Root Cause: The user running the CLI does not have read permissions to the .kube directory.

Resolution: Change permissions for the directory.

When running 'runai logs', the logs are delayed

Symptom: Printout from the container is not immediately shown in the log.

Root Cause: By default, Python buffers stdout, and stderr, which are not flushed in real-time.
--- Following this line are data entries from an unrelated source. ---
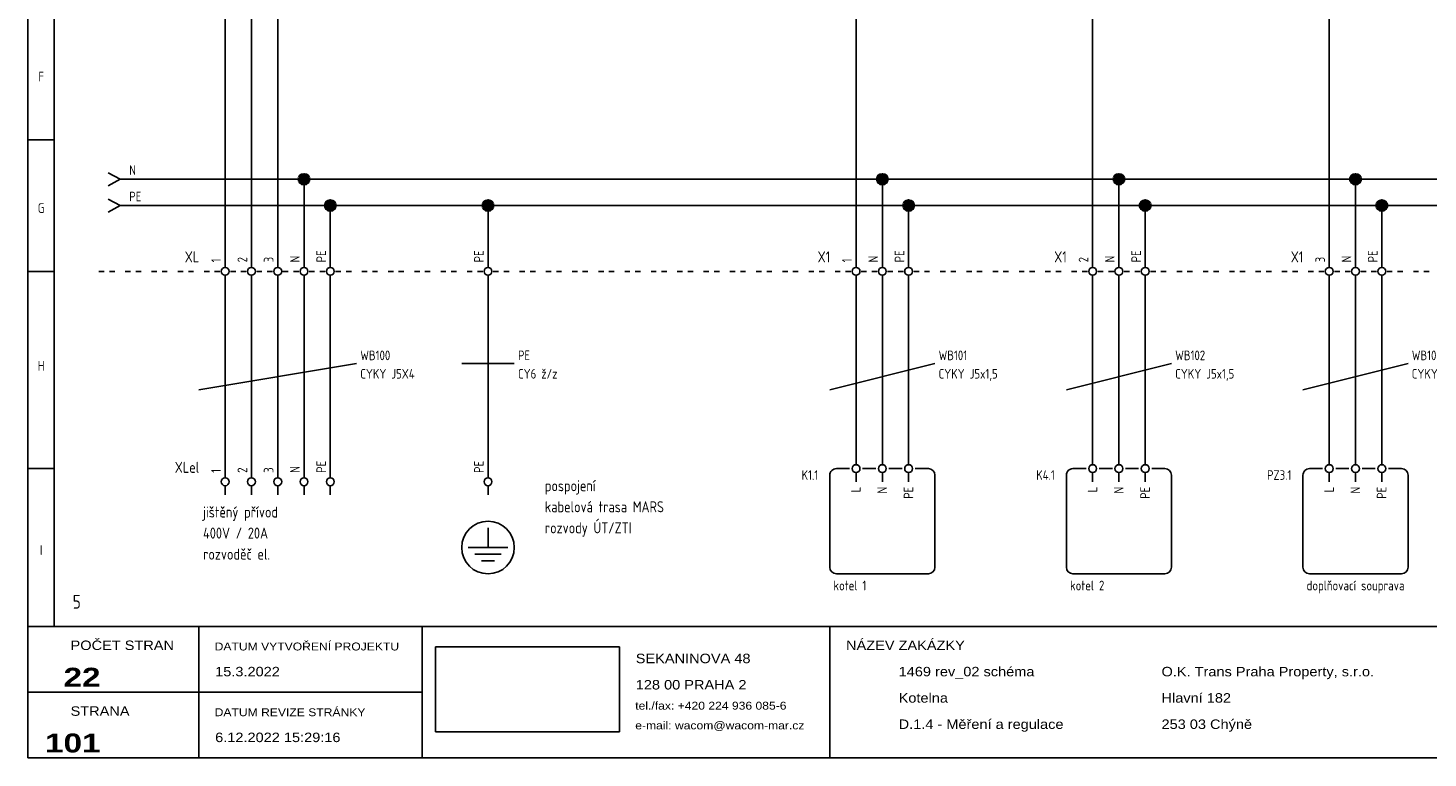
# Model space of a CAD drawing. Header units: millimetres. Extents: x 8 to 412, y 5 to 282.
# Tile 1 of 3: x 8 to 274, y 5 to 144. Entities that reach past the tile are written whole.
import ezdxf
from ezdxf.enums import TextEntityAlignment as Align

# ---------------------------------------------------------------- set-up
doc = ezdxf.new("R2010")
doc.units = ezdxf.units.MM
doc.linetypes.add('Caddy_Solid', pattern=[0])
doc.layers.add('Caddy_1', color=7, linetype='Caddy_Solid', lineweight=25)
doc.styles.add('Caddy_Arial', font='arial.ttf', dxfattribs={"width": 1.1})
doc.styles.add('Caddy_Arial Black', font='ariblk.ttf', dxfattribs={"width": 1.1})
doc.styles.add('Caddy_Vectorfont1p', font='isocp___.ttf', dxfattribs={"width": 0.9})
picture_1 = doc.add_image_def('image1.jpg', size_in_pixel=(1084, 500))
pattern_1 = [(28.64789, (0, 0), (-0.047942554, 0.087758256), []), (118.64789, (0, 0), (-0.087758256, -0.047942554), [])]

# ---------------------------------------------------------------- blocks, each defined once
blk = doc.blocks.new('809B4D6EE0F1')
at = {"layer": 'Caddy_1', "color": 7, "linetype": 'Caddy_Solid', "lineweight": 25}
for p, q in [((7.5, 282.5), (7.5, 5)), ((12.5, 277.5), (12.5, 30)), ((12.5, 122.5), (7.5, 122.5)), ((7.5, 122.5), (12.5, 122.5)), ((7.5, 97.5), (12.5, 97.5)), ((12.5, 60), (7.5, 60)), ((7.5, 30), (412.5, 30)), ((40, 5), (40, 30)), ((82.5, 30), (82.5, 5)), ((160, 30), (160, 5)), ((7.5, 17.5), (82.5, 17.5)), ((7.5, 5), (412.5, 5))]:
    blk.add_line(p, q, dxfattribs=at)
at = {"layer": 'Caddy_1', "color": 7, "lineweight": 25, "style": 'Caddy_Vectorfont1p', "width": 0.9}
for s, p in [('F', (10, 133.61)), ('G', (10, 108.61)), ('H', (10, 78.61)), ('I', (10, 43.61))]:
    blk.add_text(s, height=1.84, dxfattribs=at).set_placement(p, align=Align.CENTER)
at = {"layer": 'Caddy_1', "color": 1, "lineweight": 25, "true_color": 0xff0000, "style": 'Caddy_Vectorfont1p', "width": 0.9}
blk.add_text('5', height=2.63, dxfattribs=at).set_placement((16, 33.38))
at = {"layer": 'Caddy_1', "color": 7, "lineweight": 25, "style": 'Caddy_Arial', "width": 1.1}
for s, height, p in [('POČET STRAN', 1.8, (15.6, 25.52)), ('DATUM VYTVOŘENÍ PROJEKTU', 1.5, (43, 25.44)), ('NÁZEV ZAKÁZKY', 1.8, (163.1, 25.52)), ('SEKANINOVA 48', 1.8, (123.1, 23.02)), ('15.3.2022', 1.8, (43.1, 20.52)), ('1469 rev_02 schéma', 1.8, (173.1, 20.52)), ('O.K. Trans Praha Property, s.r.o.', 1.8, (223.1, 20.52)), ('128 00 PRAHA 2', 1.8, (123.1, 18.02)), ('Kotelna', 1.8, (173.1, 15.52)), ('Hlavní 182', 1.8, (223.1, 15.52)), ('STRANA', 1.8, (15.6, 13.02)), ('DATUM REVIZE STRÁNKY', 1.5, (43, 12.94)), ('tel./fax: +420 224 936 085-6', 1.5, (123, 14.19)), ('e-mail: wacom@wacom-mar.cz', 1.5, (123, 10.44)), ('D.1.4 - Měření a regulace', 1.8, (173.1, 10.52)), ('253 03 Chýně', 1.8, (223.1, 10.52)), ('6.12.2022 15:29:16', 1.8, (43.1, 8.02))]:
    blk.add_text(s, height=height, dxfattribs=at).set_placement(p)
at = {"layer": 'Caddy_1', "color": 7, "lineweight": 25, "style": 'Caddy_Arial Black', "width": 1.1}
for s, p in [('22', (21.3, 18.55)), ('101', (21.3, 6.05))]:
    blk.add_text(s, height=3.6, dxfattribs=at).set_placement(p, align=Align.RIGHT)
at = {"color": 18, "true_color": 0x000000}
image = blk.add_image(picture_1, insert=(85, 10), size_in_units=(35, 16.14), dxfattribs=at)
blk = doc.blocks.new('876D3854AD00')
at = {"layer": 'Caddy_1', "color": 3, "linetype": 'Caddy_Solid', "lineweight": 25, "true_color": 0x00ff00}
for q in [(22.75, 111.25), (22.75, 108.75)]:
    blk.add_line((25, 110), q, dxfattribs=at)
at = {"layer": 'Caddy_1', "color": 3, "lineweight": 25, "true_color": 0x00ff00, "style": 'Caddy_Vectorfont1p', "width": 0.9}
blk.add_attdef('$TAG160010', (26.76, 110.81), '', height=1.84, dxfattribs=at)
blk = doc.blocks.new('076F3DAD9A3A')
at = {"layer": 'Caddy_1', "color": 140, "linetype": 'Caddy_Solid', "lineweight": 25, "true_color": 0x00aeee}
for q in [(22.75, 116.25), (22.75, 113.75)]:
    blk.add_line((25, 115), q, dxfattribs=at)
at = {"layer": 'Caddy_1', "color": 140, "lineweight": 25, "true_color": 0x00aeee, "style": 'Caddy_Vectorfont1p', "width": 0.9}
blk.add_attdef('$TAG160010', (26.76, 115.81), '', height=1.84, dxfattribs=at)
blk = doc.blocks.new('68ACB6DB64DB')
at = {"layer": 'Caddy_1', "color": 7, "linetype": 'Caddy_Solid', "lineweight": 25}
for p, q in [((22, 97.5), (21, 97.5)), ((24, 97.5), (23, 97.5)), ((27, 97.5), (26, 97.5)), ((29, 97.5), (28, 97.5)), ((32, 97.5), (31, 97.5)), ((34, 97.5), (33, 97.5)), ((37, 97.5), (36, 97.5)), ((39, 97.5), (38, 97.5)), ((42, 97.5), (41, 97.5)), ((44, 97.5), (43, 97.5)), ((47, 97.5), (46, 97.5)), ((49, 97.5), (48, 97.5)), ((52, 97.5), (51, 97.5)), ((54, 97.5), (53, 97.5)), ((57, 97.5), (56, 97.5)), ((59, 97.5), (58, 97.5)), ((62, 97.5), (61, 97.5)), ((64, 97.5), (63, 97.5)), ((67, 97.5), (66, 97.5)), ((69, 97.5), (68, 97.5)), ((72, 97.5), (71, 97.5)), ((74, 97.5), (73, 97.5)), ((77, 97.5), (76, 97.5)), ((79, 97.5), (78, 97.5)), ((82, 97.5), (81, 97.5)), ((84, 97.5), (83, 97.5)), ((87, 97.5), (86, 97.5)), ((89, 97.5), (88, 97.5)), ((92, 97.5), (91, 97.5)), ((94, 97.5), (93, 97.5)), ((97, 97.5), (96, 97.5)), ((99, 97.5), (98, 97.5)), ((102, 97.5), (101, 97.5)), ((104, 97.5), (103, 97.5)), ((107, 97.5), (106, 97.5)), ((109, 97.5), (108, 97.5)), ((112, 97.5), (111, 97.5)), ((114, 97.5), (113, 97.5)), ((117, 97.5), (116, 97.5)), ((119, 97.5), (118, 97.5)), ((122, 97.5), (121, 97.5)), ((124, 97.5), (123, 97.5)), ((127, 97.5), (126, 97.5)), ((129, 97.5), (128, 97.5)), ((132, 97.5), (131, 97.5)), ((134, 97.5), (133, 97.5)), ((137, 97.5), (136, 97.5)), ((139, 97.5), (138, 97.5)), ((142, 97.5), (141, 97.5)), ((144, 97.5), (143, 97.5)), ((147, 97.5), (146, 97.5)), ((149, 97.5), (148, 97.5)), ((152, 97.5), (151, 97.5)), ((154, 97.5), (153, 97.5)), ((157, 97.5), (156, 97.5)), ((159, 97.5), (158, 97.5)), ((162, 97.5), (161, 97.5)), ((164, 97.5), (163, 97.5)), ((167, 97.5), (166, 97.5)), ((169, 97.5), (168, 97.5)), ((172, 97.5), (171, 97.5)), ((174, 97.5), (173, 97.5)), ((177, 97.5), (176, 97.5)), ((179, 97.5), (178, 97.5)), ((182, 97.5), (181, 97.5)), ((184, 97.5), (183, 97.5)), ((187, 97.5), (186, 97.5)), ((189, 97.5), (188, 97.5)), ((192, 97.5), (191, 97.5)), ((194, 97.5), (193, 97.5)), ((197, 97.5), (196, 97.5)), ((199, 97.5), (198, 97.5)), ((202, 97.5), (201, 97.5)), ((204, 97.5), (203, 97.5)), ((207, 97.5), (206, 97.5)), ((209, 97.5), (208, 97.5)), ((212, 97.5), (211, 97.5)), ((214, 97.5), (213, 97.5)), ((217, 97.5), (216, 97.5)), ((219, 97.5), (218, 97.5)), ((222, 97.5), (221, 97.5)), ((224, 97.5), (223, 97.5)), ((227, 97.5), (226, 97.5)), ((229, 97.5), (228, 97.5)), ((232, 97.5), (231, 97.5)), ((234, 97.5), (233, 97.5)), ((237, 97.5), (236, 97.5)), ((239, 97.5), (238, 97.5)), ((242, 97.5), (241, 97.5)), ((244, 97.5), (243, 97.5)), ((247, 97.5), (246, 97.5)), ((249, 97.5), (248, 97.5)), ((252, 97.5), (251, 97.5)), ((254, 97.5), (253, 97.5)), ((257, 97.5), (256, 97.5)), ((259, 97.5), (258, 97.5)), ((262, 97.5), (261, 97.5)), ((264, 97.5), (263, 97.5)), ((267, 97.5), (266, 97.5)), ((269, 97.5), (268, 97.5)), ((272, 97.5), (271, 97.5)), ((274, 97.5), (273, 97.5))]:
    blk.add_line(p, q, dxfattribs=at)
blk = doc.blocks.new('9675CCE04421')
at = {"layer": 'Caddy_1', "color": 7, "linetype": 'Caddy_Solid', "lineweight": 25}
for p, q in [((45, 98.25), (45, 100)), ((45, 95), (45, 96.75))]:
    blk.add_line(p, q, dxfattribs=at)
blk.add_circle((45, 97.5), 0.75, dxfattribs=at)
at = {"layer": 'Caddy_1', "color": 7, "lineweight": 25, "style": 'Caddy_Vectorfont1p', "width": 0.9}
blk.add_text('1', height=1.84, rotation=90, dxfattribs=at).set_placement((44.19, 99.2))
blk.add_attdef('$TAG160010', text='', height=2.1, dxfattribs=at).set_placement((40.07, 99.2), align=Align.RIGHT)
blk = doc.blocks.new('4F1C2654CDD7')
at = {"layer": 'Caddy_1', "color": 7, "linetype": 'Caddy_Solid', "lineweight": 25}
for p, q in [((50, 98.25), (50, 100)), ((50, 95), (50, 96.75))]:
    blk.add_line(p, q, dxfattribs=at)
blk.add_circle((50, 97.5), 0.75, dxfattribs=at)
at = {"layer": 'Caddy_1', "color": 7, "lineweight": 25, "style": 'Caddy_Vectorfont1p', "width": 0.9}
blk.add_text('2', height=1.84, rotation=90, dxfattribs=at).set_placement((49.19, 99.2))
blk = doc.blocks.new('55EBB97145D2')
at = {"layer": 'Caddy_1', "color": 7, "linetype": 'Caddy_Solid', "lineweight": 25}
for p, q in [((55, 98.25), (55, 100)), ((55, 95), (55, 96.75))]:
    blk.add_line(p, q, dxfattribs=at)
blk.add_circle((55, 97.5), 0.75, dxfattribs=at)
at = {"layer": 'Caddy_1', "color": 7, "lineweight": 25, "style": 'Caddy_Vectorfont1p', "width": 0.9}
blk.add_text('3', height=1.84, rotation=90, dxfattribs=at).set_placement((54.19, 99.2))
blk = doc.blocks.new('585FCF167121')
at = {"layer": 'Caddy_1', "color": 7, "linetype": 'Caddy_Solid', "lineweight": 25}
for p, q in [((60, 98.25), (60, 100)), ((60, 95), (60, 96.75))]:
    blk.add_line(p, q, dxfattribs=at)
blk.add_circle((60, 97.5), 0.75, dxfattribs=at)
at = {"layer": 'Caddy_1', "color": 7, "lineweight": 25, "style": 'Caddy_Vectorfont1p', "width": 0.9}
blk.add_text('N', height=1.84, rotation=90, dxfattribs=at).set_placement((59.19, 99.2))
blk = doc.blocks.new('D253BAE107BD')
at = {"layer": 'Caddy_1', "color": 7, "linetype": 'Caddy_Solid', "lineweight": 25}
for p, q in [((95, 58.25), (95, 60)), ((95, 55), (95, 56.75))]:
    blk.add_line(p, q, dxfattribs=at)
blk.add_circle((95, 57.5), 0.75, dxfattribs=at)
at = {"layer": 'Caddy_1', "color": 7, "lineweight": 25, "style": 'Caddy_Vectorfont1p', "width": 0.9}
blk.add_text('PE', height=1.838, rotation=90, dxfattribs=at).set_placement((94.19, 59.2))
blk = doc.blocks.new('70FE545A959D')
at = {"layer": 'Caddy_1', "color": 7, "linetype": 'Caddy_Solid', "lineweight": 25}
for p, q in [((95, 98.25), (95, 100)), ((95, 95), (95, 96.75))]:
    blk.add_line(p, q, dxfattribs=at)
blk.add_circle((95, 97.5), 0.75, dxfattribs=at)
at = {"layer": 'Caddy_1', "color": 7, "lineweight": 25, "style": 'Caddy_Vectorfont1p', "width": 0.9}
blk.add_text('PE', height=1.838, rotation=90, dxfattribs=at).set_placement((94.19, 99.2))
blk = doc.blocks.new('C4989C560B2C')
at = {"layer": 'Caddy_1', "color": 7, "linetype": 'Caddy_Solid', "lineweight": 25}
for p, q in [((65, 98.25), (65, 100)), ((65, 95), (65, 96.75))]:
    blk.add_line(p, q, dxfattribs=at)
blk.add_circle((65, 97.5), 0.75, dxfattribs=at)
at = {"layer": 'Caddy_1', "color": 7, "lineweight": 25, "style": 'Caddy_Vectorfont1p', "width": 0.9}
blk.add_text('PE', height=1.838, rotation=90, dxfattribs=at).set_placement((64.19, 99.2))
blk = doc.blocks.new('3DEE489081A3')
at = {"layer": 'Caddy_1', "color": 7, "linetype": 'Caddy_Solid', "lineweight": 25}
for p, q in [((45, 58.25), (45, 60)), ((45, 55), (45, 56.75))]:
    blk.add_line(p, q, dxfattribs=at)
blk.add_circle((45, 57.5), 0.75, dxfattribs=at)
at = {"layer": 'Caddy_1', "color": 7, "lineweight": 25, "style": 'Caddy_Vectorfont1p', "width": 0.9}
blk.add_text('1', height=1.84, rotation=90, dxfattribs=at).set_placement((44.19, 59.2))
blk.add_attdef('$TAG160010', text='', height=2.1, dxfattribs=at).set_placement((40.07, 59.2), align=Align.RIGHT)
blk = doc.blocks.new('4EC14F95F4D5')
at = {"layer": 'Caddy_1', "color": 7, "linetype": 'Caddy_Solid', "lineweight": 25}
for p, q in [((60, 58.25), (60, 60)), ((60, 55), (60, 56.75))]:
    blk.add_line(p, q, dxfattribs=at)
blk.add_circle((60, 57.5), 0.75, dxfattribs=at)
at = {"layer": 'Caddy_1', "color": 7, "lineweight": 25, "style": 'Caddy_Vectorfont1p', "width": 0.9}
blk.add_text('N', height=1.84, rotation=90, dxfattribs=at).set_placement((59.19, 59.2))
blk = doc.blocks.new('8F9F8F5F17E6')
at = {"layer": 'Caddy_1', "color": 7, "linetype": 'Caddy_Solid', "lineweight": 25}
for p, q in [((65, 58.25), (65, 60)), ((65, 55), (65, 56.75))]:
    blk.add_line(p, q, dxfattribs=at)
blk.add_circle((65, 57.5), 0.75, dxfattribs=at)
at = {"layer": 'Caddy_1', "color": 7, "lineweight": 25, "style": 'Caddy_Vectorfont1p', "width": 0.9}
blk.add_text('PE', height=1.838, rotation=90, dxfattribs=at).set_placement((64.19, 59.2))
blk = doc.blocks.new('CC9B666ED453')
at = {"layer": 'Caddy_1', "color": 7, "linetype": 'Caddy_Solid', "lineweight": 25}
for p, q in [((165, 62.5), (165, 65)), ((170, 62.5), (170, 65)), ((175, 62.5), (175, 65)), ((165, 60.75), (165, 62.5)), ((170, 60.75), (170, 62.5)), ((175, 60.75), (175, 62.5)), ((160, 58.75), (160, 41.25)), ((163.75, 60), (161.25, 60)), ((165, 59.25), (165, 57.5)), ((166.25, 60), (168.75, 60)), ((170, 59.25), (170, 57.5)), ((171.25, 60), (173.75, 60)), ((175, 59.25), (175, 57.5)), ((176.25, 60), (178.75, 60)), ((180, 58.75), (180, 41.25)), ((178.75, 40), (161.25, 40))]:
    blk.add_line(p, q, dxfattribs=at)
for centre in [(165, 60), (170, 60), (175, 60)]:
    blk.add_circle(centre, 0.75, dxfattribs=at)
for centre, start_param, end_param in [((161.25, 58.75), 1.570796, 3.141593), ((178.75, 58.75), 0, 1.570796), ((161.25, 41.25), 3.141593, 4.712389), ((178.75, 41.25), 4.712389, 6.283185)]:
    blk.add_ellipse(centre, major_axis=(1.25, 0), ratio=1, start_param=start_param, end_param=end_param, dxfattribs=at)
at = {"layer": 'Caddy_1', "color": 7, "lineweight": 25, "style": 'Caddy_Vectorfont1p', "width": 0.9}
for s, height, p in [('L', 1.84, (165.89, 56.55)), ('N', 1.84, (170.89, 56.55)), ('PE', 1.838, (175.89, 56.55))]:
    blk.add_text(s, height=height, rotation=90, dxfattribs=at).set_placement(p, align=Align.RIGHT)
blk.add_attdef('$TAG160010', text='', height=1.84, dxfattribs=at).set_placement((157.8, 57.86), align=Align.RIGHT)
blk.add_attdef('$TAG160030', (160.7, 36.86), '', height=1.84, dxfattribs=at)
blk = doc.blocks.new('F8312DD2297C')
at = {"layer": 'Caddy_1', "color": 7, "linetype": 'Caddy_Solid', "lineweight": 25}
for p, q in [((165, 98.25), (165, 100)), ((165, 95), (165, 96.75))]:
    blk.add_line(p, q, dxfattribs=at)
blk.add_circle((165, 97.5), 0.75, dxfattribs=at)
at = {"layer": 'Caddy_1', "color": 7, "lineweight": 25, "style": 'Caddy_Vectorfont1p', "width": 0.9}
blk.add_text('1', height=1.84, rotation=90, dxfattribs=at).set_placement((164.19, 99.2))
blk.add_attdef('$TAG160010', text='', height=2.1, dxfattribs=at).set_placement((160.07, 99.2), align=Align.RIGHT)
blk = doc.blocks.new('AEDA6D6406F5')
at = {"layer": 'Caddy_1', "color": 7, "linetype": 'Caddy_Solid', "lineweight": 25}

This may cause logs to appear sometimes minutes after being buffered.

Resolution: Set the env var PYTHONUNBUFFERED to any non-empty string or pass -u to Python. e.g. python -u main.py.

CLI does not download properly on OpenShift

Symptom: When trying to download the CLI on OpenShift, the wget statement downloads a text file named darwin or linux rather than the binary runai.

Root Cause: An installation step has been missed.

Resolution: Open the Cluster list and open the cluster installation wizard again. After selecting OpenShift, you will see a patch command at the end of the instruction set. Run it.